**Listed records**

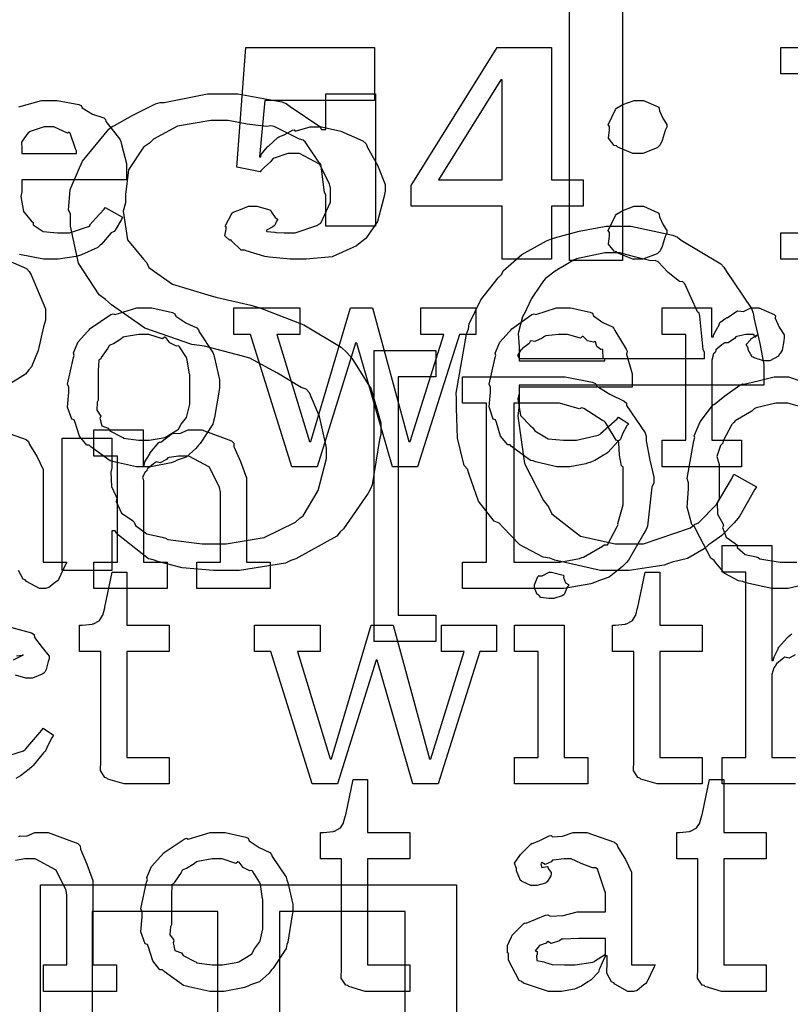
# Model space of a CAD drawing. Extents: x 0 to 8.5, y 0 to 11.
# Tile 270 of 379: x 1.996 to 2.401, y 7.568 to 8.085. Entities that reach past the tile are written whole.
import ezdxf

# ---------------------------------------------------------------- set-up
doc = ezdxf.new("R2010")
doc.units = 0
doc.layers.get('0').update_dxf_attribs({"linetype": 'CONTINUOUS'})

msp = doc.modelspace()

# ---------------------------------------------------------------- linework, layer by layer
at = {"color": 0}
for points in [[(2.28467, 7.95828), (2.28467, 8.19439), (2.20133, 8.19439), (2.20133, 8.22217), (2.39578, 8.22217), (2.39578, 8.19439), (2.31244, 8.19439), (2.31244, 7.95828), (2.28467, 7.95828)], [(2.14225, 7.95893), (2.13824, 7.95893), (2.12733, 7.96001), (2.12619, 7.96024), (2.12494, 7.96035), (2.11524, 7.96337), (2.11447, 7.96371), (2.11262, 7.96371), (2.10753, 7.96864), (2.1071, 7.96912), (2.1065, 7.96903), (2.10406, 7.97119), (2.10471, 7.97472), (2.10471, 7.97586), (2.10422, 7.97629), (2.10775, 7.98324), (2.1084, 7.98367), (2.1084, 7.98367), (2.11128, 7.9846), (2.11643, 7.98671), (2.11817, 7.98671), (2.12067, 7.98671), (2.12756, 7.98492), (2.12815, 7.98454), (2.12836, 7.98356), (2.13037, 7.98085), (2.13163, 7.97988), (2.13163, 7.97954), (2.13112, 7.97885), (2.13015, 7.97678), (2.12989, 7.97651), (2.12918, 7.97601), (2.12614, 7.97433), (2.12576, 7.97413), (2.12576, 7.97368), (2.12603, 7.97358), (2.13026, 7.9731), (2.13075, 7.97304), (2.13075, 7.97299), (2.13514, 7.97282), (2.13661, 7.97282), (2.14079, 7.97282), (2.15229, 7.97661), (2.15332, 7.97737), (2.15429, 7.97781), (2.1594, 7.98887), (2.1594, 7.99257), (2.1594, 7.99625), (2.15886, 7.99854), (2.1536, 8.00874), (2.14312, 8.01449), (2.13965, 8.01449), (2.13699, 8.01449), (2.12978, 8.01199), (2.12901, 8.01144), (2.12804, 8.01025), (2.12468, 8.007), (2.12283, 8.00538), (2.1225, 8.00472), (2.11035, 8.00732), (2.1149, 8.07004), (2.1824, 8.07004), (2.1824, 8.04226), (2.12489, 8.04226), (2.12207, 8.01275), (2.12294, 8.01275), (2.12294, 8.01275), (2.1231, 8.01389), (2.12625, 8.01774), (2.12663, 8.01818), (2.1269, 8.01833), (2.13172, 8.02285), (2.13226, 8.02317), (2.13226, 8.02317), (2.1351, 8.02419), (2.13954, 8.02664), (2.14031, 8.02686), (2.14094, 8.0261), (2.14876, 8.02838), (2.15136, 8.02838), (2.15474, 8.02838), (2.16482, 8.02615), (2.17638, 8.021), (2.17806, 8.01947), (2.17876, 8.01764), (2.18408, 8.00836), (2.18804, 7.99815), (2.18804, 7.99474), (2.18739, 7.99126), (2.18403, 7.97868), (2.1779, 7.96989), (2.17589, 7.96826), (2.17307, 7.96593), (2.16021, 7.96013), (2.14671, 7.95893), (2.14225, 7.95893)], [(2.2494, 7.98671), (2.20167, 7.98671), (2.20167, 7.99756), (2.24681, 8.07004), (2.27522, 8.07004), (2.27522, 8.0006), (2.29194, 8.0006), (2.29194, 7.98671), (2.27522, 7.98671), (2.27522, 7.95893), (2.2494, 7.95893), (2.2494, 7.98671)], [(2.21599, 8.0006), (2.2494, 8.0006), (2.2494, 8.05311), (2.24875, 8.05311), (2.21599, 8.0006)], [(2.10351, 7.79568), (2.09804, 7.79568), (2.08165, 7.7971), (2.06879, 7.8004), (2.0664, 7.80132), (2.06401, 7.80181), (2.04742, 7.81494), (2.04644, 7.81651), (2.04471, 7.81651), (2.04471, 7.79568), (2.01867, 7.79568), (2.01867, 7.86513), (2.04471, 7.86513), (2.04471, 7.8495), (2.04422, 7.84722), (2.04454, 7.83979), (2.04688, 7.8349), (2.04731, 7.83365), (2.04704, 7.83182), (2.04986, 7.82568), (2.05533, 7.822), (2.05643, 7.82107), (2.05713, 7.81922), (2.06315, 7.81483), (2.07118, 7.81315), (2.07292, 7.81261), (2.07411, 7.81185), (2.09207, 7.80957), (2.0981, 7.80957), (2.10471, 7.80957), (2.12463, 7.81299), (2.14111, 7.82096), (2.14344, 7.82324), (2.14513, 7.82437), (2.15289, 7.83757), (2.15733, 7.85433), (2.15733, 7.85992), (2.15668, 7.86253), (2.15369, 7.87642), (2.14844, 7.88889), (2.14671, 7.89074), (2.14399, 7.8916), (2.13163, 7.89914), (2.11708, 7.90707), (2.11328, 7.9081), (2.09332, 7.91331), (2.08664, 7.91417), (2.06196, 7.92275), (2.04449, 7.93511), (2.04144, 7.93782), (2.03814, 7.94026), (2.02724, 7.95682), (2.023, 7.97629), (2.023, 7.98275), (2.02197, 7.9846), (2.02285, 7.99561), (2.02767, 8.00683), (2.02865, 8.00879), (2.02929, 8.01036), (2.04318, 8.02724), (2.04492, 8.02854), (2.04617, 8.02903), (2.05572, 8.0345), (2.06765, 8.04042), (2.0701, 8.04113), (2.07221, 8.04113), (2.09483, 8.04568), (2.10243, 8.04568), (2.11083, 8.04568), (2.1339, 8.04156), (2.13607, 8.04069), (2.13824, 8.03911), (2.15381, 8.02849), (2.15474, 8.02701), (2.1569, 8.02701), (2.1569, 8.04568), (2.18294, 8.04568), (2.18294, 7.97624), (2.1569, 7.97624), (2.1569, 7.99274), (2.15631, 7.99403), (2.15451, 8.00782), (2.15408, 8.009), (2.15326, 8.00982), (2.14606, 8.02056), (2.14497, 8.02138), (2.14312, 8.02192), (2.12978, 8.02854), (2.12804, 8.02897), (2.12576, 8.02854), (2.11561, 8.02974), (2.10568, 8.03179), (2.10243, 8.03179), (2.09657, 8.03179), (2.07915, 8.02881), (2.06651, 8.02186), (2.06446, 8.01986), (2.06136, 8.01774), (2.0535, 8.00586), (2.05186, 7.99294), (2.05186, 7.98861), (2.05072, 7.98421), (2.053, 7.96912), (2.06125, 7.95904), (2.06315, 7.95714), (2.06418, 7.95454), (2.07656, 7.9459), (2.09506, 7.94026), (2.09918, 7.93913), (2.11762, 7.93479), (2.12229, 7.93343), (2.1454, 7.92449), (2.16504, 7.91282), (2.16797, 7.91004), (2.17057, 7.90707), (2.18078, 7.89079), (2.18576, 7.87304), (2.18576, 7.86708), (2.18506, 7.86436), (2.18121, 7.84065), (2.18033, 7.83843), (2.17919, 7.83621), (2.16624, 7.81749), (2.1645, 7.81586), (2.16265, 7.81375), (2.14122, 7.80181), (2.13867, 7.80089), (2.13585, 7.79958), (2.1116, 7.79568), (2.10351, 7.79568)], [(2.32075, 8.01449), (2.31793, 8.01449), (2.31011, 8.01774), (2.30946, 8.01839), (2.30821, 8.01867), (2.30518, 8.0224), (2.30578, 8.02675), (2.30578, 8.02815), (2.30578, 8.0286), (2.30507, 8.02951), (2.30881, 8.03749), (2.30946, 8.03814), (2.30946, 8.03814), (2.31267, 8.04004), (2.31868, 8.04226), (2.32075, 8.04226), (2.32351, 8.04226), (2.33117, 8.03885), (2.33182, 8.03814), (2.33188, 8.03678), (2.33388, 8.03261), (2.33572, 8.02962), (2.33572, 8.0286), (2.33572, 8.02815), (2.33496, 8.02647), (2.33339, 8.02115), (2.33231, 8.01899), (2.33182, 8.01839), (2.33062, 8.01742), (2.32319, 8.01449), (2.32075, 8.01449)], [(1.99756, 8.01449), (2.02621, 8.01449), (2.02621, 8.01579), (2.02567, 8.01688), (2.02294, 8.02513), (2.02229, 8.02556), (2.02149, 8.02513), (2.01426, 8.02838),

**About this task**
Retype the entries above exactly, starting at their first line and ending with the line that holds "msp = doc.modelspace()"; pictures stay out.

**Problem solution**
# Model space of a CAD drawing. Extents: x 0 to 8.5, y 0 to 11.
# Tile 270 of 379: x 1.996 to 2.401, y 7.568 to 8.085. Entities that reach past the tile are written whole.
import ezdxf

# ---------------------------------------------------------------- set-up
doc = ezdxf.new("R2010")
doc.units = 0
doc.layers.get('0').update_dxf_attribs({"linetype": 'CONTINUOUS'})

msp = doc.modelspace()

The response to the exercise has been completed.